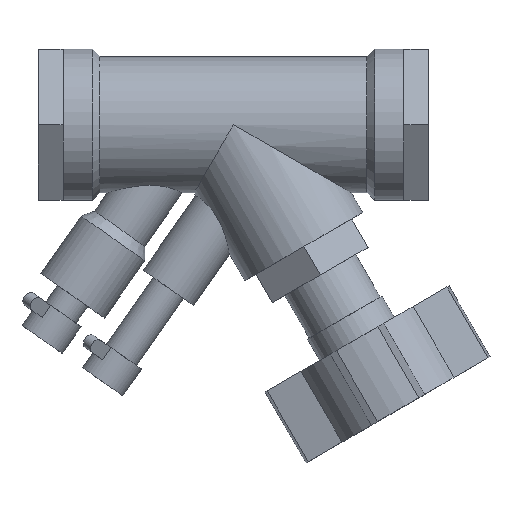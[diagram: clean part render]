
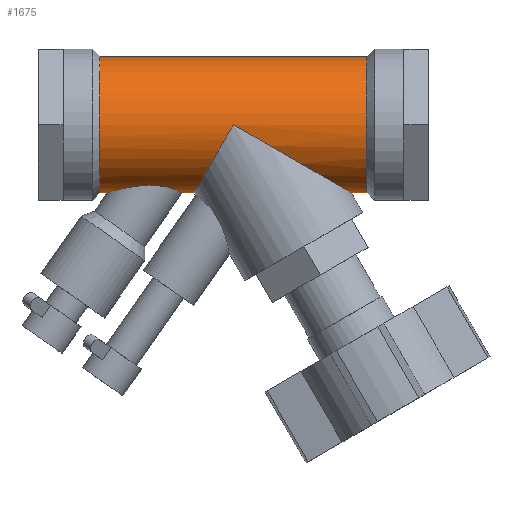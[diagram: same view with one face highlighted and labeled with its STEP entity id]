
A CAD part, top view. The second image highlights one B-rep face of the part: STEP entity #1675.
In plain terms, the highlighted cylindrical face has radius 21.082 mm (diameter 42.164 mm), a full revolution.
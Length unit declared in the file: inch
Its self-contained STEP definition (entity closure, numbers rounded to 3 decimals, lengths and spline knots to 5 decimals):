
#45=ELLIPSE('',#1852,0.9584,0.83);
#46=ELLIPSE('',#1853,1.66,0.83);
#47=ELLIPSE('',#1855,1.66,0.83);
#48=ELLIPSE('',#1856,0.9584,0.83);
#51=B_SPLINE_CURVE_WITH_KNOTS('',3,(#2691,#2692,#2693,#2694,#2695,#2696,
#2697,#2698,#2699,#2700,#2701,#2702),.UNSPECIFIED.,.F.,.F.,(4,2,2,2,2,4),
(0.,0.40072,0.60108,0.80144,1.15763,
1.51381),.UNSPECIFIED.);
#52=B_SPLINE_CURVE_WITH_KNOTS('',3,(#2704,#2705,#2706,#2707,#2708,#2709,
#2710,#2711,#2712,#2713,#2714,#2715),.UNSPECIFIED.,.F.,.F.,(4,2,2,2,2,4),
(4.76391,4.96741,5.17091,5.57791,6.03906,
6.50021),.UNSPECIFIED.);
#53=B_SPLINE_CURVE_WITH_KNOTS('',3,(#2716,#2717,#2718,#2719,#2720,#2721,
#2722,#2723,#2724,#2725,#2726,#2727,#2728,#2729,#2730,#2731,#2732,#2733,
#2734,#2735,#2736,#2737),.UNSPECIFIED.,.F.,.F.,(4,2,2,2,2,2,2,2,2,2,4),
(1.51381,1.86999,2.22617,2.42653,2.62689,
3.02761,3.48876,3.94991,4.35691,4.56041,
4.76391),.UNSPECIFIED.);
#187=LINE('',#2899,#322);
#188=LINE('',#2900,#323);
#189=LINE('',#2901,#324);
#322=VECTOR('',#2330,0.83);
#323=VECTOR('',#2331,0.83);
#324=VECTOR('',#2332,0.83);
#349=CYLINDRICAL_SURFACE('',#1858,0.83);
#446=FACE_OUTER_BOUND('',#543,.T.);
#543=EDGE_LOOP('',(#1378,#1379,#1380,#1381,#1382,#1383,#1384,#1385,#1386,
#1387,#1388,#1389,#1390,#1391,#1392,#1393,#1394));
#619=CIRCLE('',#1843,0.83);
#620=CIRCLE('',#1844,0.83);
#623=CIRCLE('',#1848,0.83);
#624=CIRCLE('',#1849,0.83);
#722=VERTEX_POINT('',#2689);
#723=VERTEX_POINT('',#2690);
#724=VERTEX_POINT('',#2703);
#763=VERTEX_POINT('',#2868);
#764=VERTEX_POINT('',#2869);
#767=VERTEX_POINT('',#2878);
#768=VERTEX_POINT('',#2880);
#769=VERTEX_POINT('',#2886);
#770=VERTEX_POINT('',#2887);
#771=VERTEX_POINT('',#2889);
#773=VERTEX_POINT('',#2894);
#907=EDGE_CURVE('',#722,#723,#51,.T.);
#908=EDGE_CURVE('',#724,#722,#52,.T.);
#909=EDGE_CURVE('',#723,#724,#53,.T.);
#975=EDGE_CURVE('',#763,#764,#619,.T.);
#976=EDGE_CURVE('',#764,#763,#620,.T.);
#981=EDGE_CURVE('',#768,#767,#623,.T.);
#982=EDGE_CURVE('',#767,#768,#624,.T.);
#984=EDGE_CURVE('',#769,#770,#45,.T.);
#985=EDGE_CURVE('',#771,#769,#46,.T.);
#988=EDGE_CURVE('',#773,#771,#47,.T.);
#989=EDGE_CURVE('',#770,#773,#48,.T.);
#990=EDGE_CURVE('',#767,#771,#187,.T.);
#991=EDGE_CURVE('',#770,#723,#188,.T.);
#992=EDGE_CURVE('',#724,#764,#189,.T.);
#1378=ORIENTED_EDGE('',*,*,#981,.T.);
#1379=ORIENTED_EDGE('',*,*,#990,.T.);
#1380=ORIENTED_EDGE('',*,*,#985,.T.);
#1381=ORIENTED_EDGE('',*,*,#984,.T.);
#1382=ORIENTED_EDGE('',*,*,#991,.T.);
#1383=ORIENTED_EDGE('',*,*,#909,.T.);
#1384=ORIENTED_EDGE('',*,*,#992,.T.);
#1385=ORIENTED_EDGE('',*,*,#976,.T.);
#1386=ORIENTED_EDGE('',*,*,#975,.T.);
#1387=ORIENTED_EDGE('',*,*,#992,.F.);
#1388=ORIENTED_EDGE('',*,*,#908,.T.);
#1389=ORIENTED_EDGE('',*,*,#907,.T.);
#1390=ORIENTED_EDGE('',*,*,#991,.F.);
#1391=ORIENTED_EDGE('',*,*,#989,.T.);
#1392=ORIENTED_EDGE('',*,*,#988,.T.);
#1393=ORIENTED_EDGE('',*,*,#990,.F.);
#1394=ORIENTED_EDGE('',*,*,#982,.T.);
#1675=ADVANCED_FACE('',(#446),#349,.T.);
#1843=AXIS2_PLACEMENT_3D('',#2870,#2294,#2295);
#1844=AXIS2_PLACEMENT_3D('',#2871,#2296,#2297);
#1848=AXIS2_PLACEMENT_3D('',#2881,#2306,#2307);
#1849=AXIS2_PLACEMENT_3D('',#2882,#2308,#2309);
#1852=AXIS2_PLACEMENT_3D('',#2888,#2315,#2316);
#1853=AXIS2_PLACEMENT_3D('',#2890,#2317,#2318);
#1855=AXIS2_PLACEMENT_3D('',#2895,#2322,#2323);
#1856=AXIS2_PLACEMENT_3D('',#2896,#2324,#2325);
#1858=AXIS2_PLACEMENT_3D('',#2898,#2328,#2329);
#2294=DIRECTION('center_axis',(1.,0.,0.));
#2295=DIRECTION('ref_axis',(0.,1.,0.));
#2296=DIRECTION('center_axis',(1.,0.,0.));
#2297=DIRECTION('ref_axis',(0.,1.,0.));
#2306=DIRECTION('center_axis',(-1.,0.,0.));
#2307=DIRECTION('ref_axis',(0.,1.,0.));
#2308=DIRECTION('center_axis',(-1.,0.,0.));
#2309=DIRECTION('ref_axis',(0.,1.,0.));
#2315=DIRECTION('center_axis',(-0.866,0.5,0.));
#2316=DIRECTION('ref_axis',(-0.5,-0.866,0.));
#2317=DIRECTION('center_axis',(0.5,0.866,0.));
#2318=DIRECTION('ref_axis',(-0.866,0.5,0.));
#2322=DIRECTION('center_axis',(0.5,0.866,0.));
#2323=DIRECTION('ref_axis',(-0.866,0.5,0.));
#2324=DIRECTION('center_axis',(-0.866,0.5,0.));
#2325=DIRECTION('ref_axis',(-0.5,-0.866,0.));
#2328=DIRECTION('center_axis',(1.,0.,0.));
#2329=DIRECTION('ref_axis',(0.,1.,0.));
#2330=DIRECTION('',(-1.,0.,0.));
#2331=DIRECTION('',(-1.,0.,0.));
#2332=DIRECTION('',(-1.,0.,0.));
#2689=CARTESIAN_POINT('',(-1.01847,-0.74046,0.375));
#2690=CARTESIAN_POINT('',(-0.62338,-0.83,0.));
#2691=CARTESIAN_POINT('Ctrl Pts',(-1.01847,-0.74046,
0.375));
#2692=CARTESIAN_POINT('Ctrl Pts',(-0.96588,-0.74046,
0.375));
#2693=CARTESIAN_POINT('Ctrl Pts',(-0.9092,-0.7447,
0.36709));
#2694=CARTESIAN_POINT('Ctrl Pts',(-0.83192,-0.75778,
0.3388));
#2695=CARTESIAN_POINT('Ctrl Pts',(-0.80737,-0.76316,
0.3267));
#2696=CARTESIAN_POINT('Ctrl Pts',(-0.76247,-0.77491,
0.29774));
#2697=CARTESIAN_POINT('Ctrl Pts',(-0.74212,-0.78127,
0.28089));
#2698=CARTESIAN_POINT('Ctrl Pts',(-0.69286,-0.79832,0.22973));
#2699=CARTESIAN_POINT('Ctrl Pts',(-0.66637,-0.80974,
0.18809));
#2700=CARTESIAN_POINT('Ctrl Pts',(-0.63169,-0.82567,
0.09659));
#2701=CARTESIAN_POINT('Ctrl Pts',(-0.62338,-0.83,
0.04674));
#2702=CARTESIAN_POINT('Ctrl Pts',(-0.62338,-0.83,
0.));
#2703=CARTESIAN_POINT('',(-1.53896,-0.83,0.));
#2704=CARTESIAN_POINT('Ctrl Pts',(-1.53896,-0.83,0.));
#2705=CARTESIAN_POINT('Ctrl Pts',(-1.53896,-0.83,0.02671));
#2706=CARTESIAN_POINT('Ctrl Pts',(-1.53453,-0.82869,0.0532));
#2707=CARTESIAN_POINT('Ctrl Pts',(-1.51781,-0.82384,
0.10409));
#2708=CARTESIAN_POINT('Ctrl Pts',(-1.50553,-0.82032,
0.12851));
#2709=CARTESIAN_POINT('Ctrl Pts',(-1.45998,-0.80768,0.19672));
#2710=CARTESIAN_POINT('Ctrl Pts',(-1.41768,-0.79651,
0.23547));
#2711=CARTESIAN_POINT('Ctrl Pts',(-1.32541,-0.77516,
0.29881));
#2712=CARTESIAN_POINT('Ctrl Pts',(-1.2669,-0.76325,0.32679));
#2713=CARTESIAN_POINT('Ctrl Pts',(-1.14371,-0.74578,0.36489));
#2714=CARTESIAN_POINT('Ctrl Pts',(-1.07899,-0.74046,0.375));
#2715=CARTESIAN_POINT('Ctrl Pts',(-1.01847,-0.74046,
0.375));
#2716=CARTESIAN_POINT('Ctrl Pts',(-0.62338,-0.83,
0.));
#2717=CARTESIAN_POINT('Ctrl Pts',(-0.62338,-0.83,
-0.04674));
#2718=CARTESIAN_POINT('Ctrl Pts',(-0.63169,-0.82567,
-0.09659));
#2719=CARTESIAN_POINT('Ctrl Pts',(-0.66637,-0.80974,
-0.18809));
#2720=CARTESIAN_POINT('Ctrl Pts',(-0.69286,-0.79832,-0.22973));
#2721=CARTESIAN_POINT('Ctrl Pts',(-0.74212,-0.78127,
-0.28089));
#2722=CARTESIAN_POINT('Ctrl Pts',(-0.76247,-0.77491,
-0.29774));
#2723=CARTESIAN_POINT('Ctrl Pts',(-0.80737,-0.76316,
-0.3267));
#2724=CARTESIAN_POINT('Ctrl Pts',(-0.83192,-0.75778,
-0.3388));
#2725=CARTESIAN_POINT('Ctrl Pts',(-0.9092,-0.7447,
-0.36709));
#2726=CARTESIAN_POINT('Ctrl Pts',(-0.96588,-0.74046,
-0.375));
#2727=CARTESIAN_POINT('Ctrl Pts',(-1.07899,-0.74046,-0.375));
#2728=CARTESIAN_POINT('Ctrl Pts',(-1.14371,-0.74578,-0.36489));
#2729=CARTESIAN_POINT('Ctrl Pts',(-1.2669,-0.76325,-0.32679));
#2730=CARTESIAN_POINT('Ctrl Pts',(-1.32541,-0.77516,
-0.29881));
#2731=CARTESIAN_POINT('Ctrl Pts',(-1.41768,-0.79651,
-0.23547));
#2732=CARTESIAN_POINT('Ctrl Pts',(-1.45998,-0.80768,-0.19672));
#2733=CARTESIAN_POINT('Ctrl Pts',(-1.50553,-0.82032,
-0.12851));
#2734=CARTESIAN_POINT('Ctrl Pts',(-1.51781,-0.82384,
-0.10409));
#2735=CARTESIAN_POINT('Ctrl Pts',(-1.53453,-0.82869,-0.0532));
#2736=CARTESIAN_POINT('Ctrl Pts',(-1.53896,-0.83,-0.02671));
#2737=CARTESIAN_POINT('Ctrl Pts',(-1.53896,-0.83,0.));
#2868=CARTESIAN_POINT('',(-1.63,0.83,0.));
#2869=CARTESIAN_POINT('',(-1.63,-0.83,0.));
#2870=CARTESIAN_POINT('Origin',(-1.63,0.,0.));
#2871=CARTESIAN_POINT('Origin',(-1.63,0.,0.));
#2878=CARTESIAN_POINT('',(1.63,-0.83,0.));
#2880=CARTESIAN_POINT('',(1.63,0.83,0.));
#2881=CARTESIAN_POINT('Origin',(1.63,0.,0.));
#2882=CARTESIAN_POINT('Origin',(1.63,0.,0.));
#2886=CARTESIAN_POINT('',(0.,0.,-0.83));
#2887=CARTESIAN_POINT('',(-0.4792,-0.83,0.));
#2888=CARTESIAN_POINT('Origin',(0.,0.,
0.));
#2889=CARTESIAN_POINT('',(1.4376,-0.83,0.));
#2890=CARTESIAN_POINT('Origin',(0.,0.,
0.));
#2894=CARTESIAN_POINT('',(0.,0.,0.83));
#2895=CARTESIAN_POINT('Origin',(0.,0.,
0.));
#2896=CARTESIAN_POINT('Origin',(0.,0.,
0.));
#2898=CARTESIAN_POINT('Origin',(0.,0.,
0.));
#2899=CARTESIAN_POINT('',(0.,-0.83,0.));
#2900=CARTESIAN_POINT('',(0.,-0.83,0.));
#2901=CARTESIAN_POINT('',(0.,-0.83,0.));

**TASK REQUIREMENTS**
Count up the lines of the data that include "CIRCLE". Reply with a number only.

**RESPONSE BOX**
4